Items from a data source
....

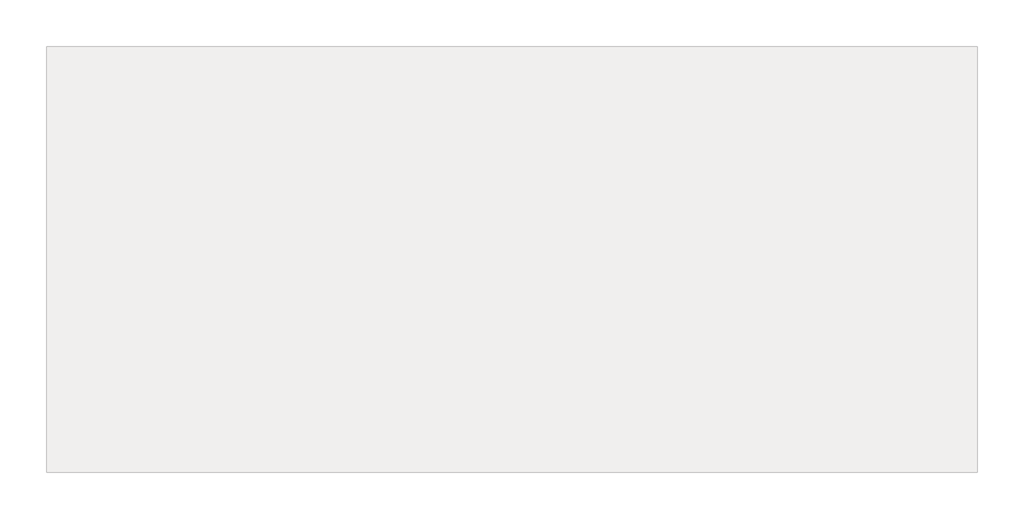
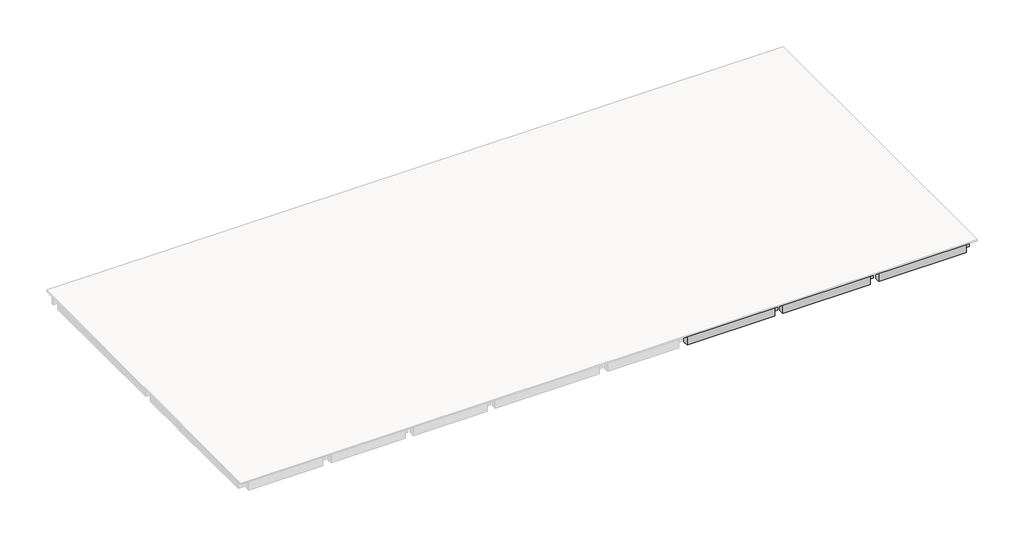
# One storey, part 2 of 2: 30 beams.
"""IFC4 building model written with IfcOpenShell, lengths in millimetres."""

from ifc_helpers import new_model, si_unit, frame, origin, place, context, project, spatial, polyline, outline, extrude, faceted_brep, element, save

model = new_model("IFC4")

# Units and contexts
model_context = context("Model", 3, world=origin())
ifc_project = project(units=[si_unit("LENGTHUNIT", "METRE", prefix="MILLI")], contexts=[model_context])

# Site, building, storey
site = spatial("IfcSite", under=ifc_project)
building = spatial("IfcBuilding", under=site)
storey = spatial("IfcBuildingStorey", under=building, Name="TOC", Elevation=7650.0)

# Beams
placement = place(None, origin())
element("IfcBeam", 1, ObjectType="RC Beam_Rectangular : H_SB_ACB_B400xH900", at=placement, inside=storey, context=model_context, shape_type="Brep", body=[
    faceted_brep([(39124.7, 12116.5208589, 6750.0), (39124.7, 12116.5208589, 7549.0), (38724.7, 12116.5208589, 7549.0), (32124.7, 12116.5208589, 7549.0), (32124.7, 12116.5208589, 6750.0), (38724.7, 12116.5208589, 6750.0), (39124.7, 12516.5208589, 6750.0), (32124.7, 12516.5208589, 6750.0), (38724.7, 12516.5208589, 6750.0), (39124.7, 12516.5208589, 7549.0), (32124.7, 12516.5208589, 7549.0), (38724.7, 12516.5208589, 7549.0)], [[[0, 1, 2, 3, 4, 5]], [[6, 0, 5, 4, 7, 8]], [[9, 6, 8, 7, 10, 11]], [[1, 9, 11, 10, 3, 2]], [[0, 6, 9, 1]], [[4, 3, 10, 7]]]),
])
element("IfcBeam", 2, ObjectType="RC Beam_Rectangular : H_SB_ACB_B400xH900", at=placement, inside=storey, context=model_context, shape_type="Brep", body=[
    faceted_brep([(46124.7, 12116.5208589, 6750.0), (46124.7, 12116.5208589, 7549.0), (45724.7, 12116.5208589, 7549.0), (39124.7, 12116.5208589, 7549.0), (39124.7, 12116.5208589, 6750.0), (45724.7, 12116.5208589, 6750.0), (46124.7, 12516.5208589, 6750.0), (39124.7, 12516.5208589, 6750.0), (45724.7, 12516.5208589, 6750.0), (46124.7, 12516.5208589, 7549.0), (39124.7, 12516.5208589, 7549.0), (45724.7, 12516.5208589, 7549.0)], [[[0, 1, 2, 3, 4, 5]], [[6, 0, 5, 4, 7, 8]], [[9, 6, 8, 7, 10, 11]], [[1, 9, 11, 10, 3, 2]], [[0, 6, 9, 1]], [[4, 3, 10, 7]]]),
])
element("IfcBeam", 3, ObjectType="RC Beam_Rectangular : H_SB_ACB_B400xH900", at=placement, inside=storey, context=model_context, shape_type="Brep", body=[
    faceted_brep([(53124.7, 12116.5208589, 6750.0), (53124.7, 12116.5208589, 7549.0), (52724.7, 12116.5208589, 7549.0), (46124.7, 12116.5208589, 7549.0), (46124.7, 12116.5208589, 6750.0), (52724.7, 12116.5208589, 6750.0), (53124.7, 12516.5208589, 6750.0), (46124.7, 12516.5208589, 6750.0), (52724.7, 12516.5208589, 6750.0), (53124.7, 12516.5208589, 7549.0), (46124.7, 12516.5208589, 7549.0), (52724.7, 12516.5208589, 7549.0)], [[[0, 1, 2, 3, 4, 5]], [[6, 0, 5, 4, 7, 8]], [[9, 6, 8, 7, 10, 11]], [[1, 9, 11, 10, 3, 2]], [[0, 6, 9, 1]], [[4, 3, 10, 7]]]),
])
element("IfcBeam", 4, ObjectType="RC Beam_Rectangular : H_SB_ACB_B400xH900", at=placement, inside=storey, context=model_context, shape_type="SweptSolid", body=[
    extrude(outline(polyline([(7500.0, 224.7), (6750.0, 224.7), (6750.0, 5624.7), (7500.0, 5624.7), (7500.0, 5724.7), (7549.0, 5724.7), (7549.0, 124.7), (7500.0, 124.7), (7500.0, 224.7)])), frame((0.0, 23816.5208589, 0.0), z_axis=(0.0, 1.0, 0.0), x_axis=(0.0, 0.0, 1.0)), (0.0, 0.0, 1.0), 400.0),
])
element("IfcBeam", 5, ObjectType="RC Beam_Rectangular : H_SB_ACB_B400xH900", at=placement, inside=storey, context=model_context, shape_type="SweptSolid", body=[
    extrude(outline(polyline([(7500.0, 6224.7), (6750.0, 6224.7), (6750.0, 11624.7), (7500.0, 11624.7), (7500.0, 11724.7), (7549.0, 11724.7), (7549.0, 6124.7), (7500.0, 6124.7), (7500.0, 6224.7)])), frame((0.0, 23816.5208589, 0.0), z_axis=(0.0, 1.0, 0.0), x_axis=(0.0, 0.0, 1.0)), (0.0, 0.0, 1.0), 400.0),
])
element("IfcBeam", 6, ObjectType="RC Beam_Rectangular : H_SB_ACB_B400xH900", at=placement, inside=storey, context=model_context, shape_type="SweptSolid", body=[
    extrude(outline(polyline([(7500.0, 12224.7), (6750.0, 12224.7), (6750.0, 17624.7), (7500.0, 17624.7), (7500.0, 17724.7), (7549.0, 17724.7), (7549.0, 12124.7), (7500.0, 12124.7), (7500.0, 12224.7)])), frame((0.0, 23816.5208589, 0.0), z_axis=(0.0, 1.0, 0.0), x_axis=(0.0, 0.0, 1.0)), (0.0, 0.0, 1.0), 400.0),
])
element("IfcBeam", 7, ObjectType="RC Beam_Rectangular : H_SB_ACB_B400xH900", at=placement, inside=storey, context=model_context, shape_type="SweptSolid", body=[
    extrude(outline(polyline([(7500.0, 18224.7), (6750.0, 18224.7), (6750.0, 25824.7), (7500.0, 25824.7), (7500.0, 25924.7), (7549.0, 25924.7), (7549.0, 18124.7), (7500.0, 18124.7), (7500.0, 18224.7)])), frame((0.0, 23816.5208589, 0.0), z_axis=(0.0, 1.0, 0.0), x_axis=(0.0, 0.0, 1.0)), (0.0, 0.0, 1.0), 400.0),
])
element("IfcBeam", 8, ObjectType="RC Beam_Rectangular : H_SB_ACB_B400xH900", at=placement, inside=storey, context=model_context, shape_type="SweptSolid", body=[
    extrude(outline(polyline([(7500.0, 26424.7), (6750.0, 26424.7), (6750.0, 31624.7), (7500.0, 31624.7), (7500.0, 31724.7), (7549.0, 31724.7), (7549.0, 26324.7), (7500.0, 26324.7), (7500.0, 26424.7)])), frame((0.0, 23816.5208589, 0.0), z_axis=(0.0, 1.0, 0.0), x_axis=(0.0, 0.0, 1.0)), (0.0, 0.0, 1.0), 400.0),
])
element("IfcBeam", 9, ObjectType="RC Beam_Rectangular : H_SB_ACB_B400xH900", at=placement, inside=storey, context=model_context, shape_type="SweptSolid", body=[
    extrude(outline(polyline([(7500.0, 32224.7), (6750.0, 32224.7), (6750.0, 38624.7), (7500.0, 38624.7), (7500.0, 38724.7), (7549.0, 38724.7), (7549.0, 32124.7), (7500.0, 32124.7), (7500.0, 32224.7)])), frame((0.0, 23816.5208589, 0.0), z_axis=(0.0, 1.0, 0.0), x_axis=(0.0, 0.0, 1.0)), (0.0, 0.0, 1.0), 400.0),
])
element("IfcBeam", 10, ObjectType="RC Beam_Rectangular : H_SB_ACB_B400xH900", at=placement, inside=storey, context=model_context, shape_type="SweptSolid", body=[
    extrude(outline(polyline([(7500.0, 39224.7), (6750.0, 39224.7), (6750.0, 45624.7), (7500.0, 45624.7), (7500.0, 45724.7), (7549.0, 45724.7), (7549.0, 39124.7), (7500.0, 39124.7), (7500.0, 39224.7)])), frame((0.0, 23816.5208589, 0.0), z_axis=(0.0, 1.0, 0.0), x_axis=(0.0, 0.0, 1.0)), (0.0, 0.0, 1.0), 400.0),
])
element("IfcBeam", 11, ObjectType="RC Beam_Rectangular : H_SB_ACB_B400xH900", at=placement, inside=storey, context=model_context, shape_type="SweptSolid", body=[
    extrude(outline(polyline([(7500.0, 46224.7), (6750.0, 46224.7), (6750.0, 52624.7), (7500.0, 52624.7), (7500.0, 52724.7), (7549.0, 52724.7), (7549.0, 46124.7), (7500.0, 46124.7), (7500.0, 46224.7)])), frame((0.0, 23816.5208589, 0.0), z_axis=(0.0, 1.0, 0.0), x_axis=(0.0, 0.0, 1.0)), (0.0, 0.0, 1.0), 400.0),
])
element("IfcBeam", 12, ObjectType="RC Beam_Rectangular : H_SB_ACB_B400xH900", at=placement, inside=storey, context=model_context, shape_type="Brep", body=[
    faceted_brep([(32224.7, 8216.5208589, 7500.0), (32224.7, 8216.5208589, 6750.0), (38624.7, 8216.5208589, 6750.0), (38624.7, 8216.5208589, 7500.0), (38724.7, 8216.5208589, 7500.0), (39124.7, 8216.5208589, 7500.0), (39124.7, 8216.5208589, 7549.0), (38724.7, 8216.5208589, 7549.0), (32124.7, 8216.5208589, 7549.0), (32124.7, 8216.5208589, 7500.0), (32224.7, 8616.5208589, 6750.0), (38624.7, 8616.5208589, 6750.0), (32224.7, 8616.5208589, 7500.0), (32124.7, 8616.5208589, 7500.0), (32124.7, 8616.5208589, 7549.0), (38724.7, 8616.5208589, 7549.0), (39124.7, 8616.5208589, 7549.0), (39124.7, 8616.5208589, 7500.0), (38724.7, 8616.5208589, 7500.0), (38624.7, 8616.5208589, 7500.0)], [[[0, 1, 2, 3, 4, 5, 6, 7, 8, 9]], [[1, 10, 11, 2]], [[10, 12, 13, 14, 15, 16, 17, 18, 19, 11]], [[1, 0, 12, 10]], [[0, 9, 13, 12]], [[19, 3, 2, 11]], [[3, 19, 18, 17, 5, 4]], [[8, 7, 6, 16, 15, 14]], [[16, 6, 5, 17]], [[8, 14, 13, 9]]]),
])
element("IfcBeam", 13, ObjectType="RC Beam_Rectangular : H_SB_ACB_B400xH900", at=placement, inside=storey, context=model_context, shape_type="Brep", body=[
    faceted_brep([(39224.7, 8216.5208589, 7500.0), (39224.7, 8216.5208589, 6750.0), (45624.7, 8216.5208589, 6750.0), (45624.7, 8216.5208589, 7500.0), (45724.7, 8216.5208589, 7500.0), (46124.7, 8216.5208589, 7500.0), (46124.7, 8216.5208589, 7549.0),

....

• [Exercise prompt]: Since only lines holding the word "spatial" matter, count them in the data above and report the number alone.

• [Your response]: 4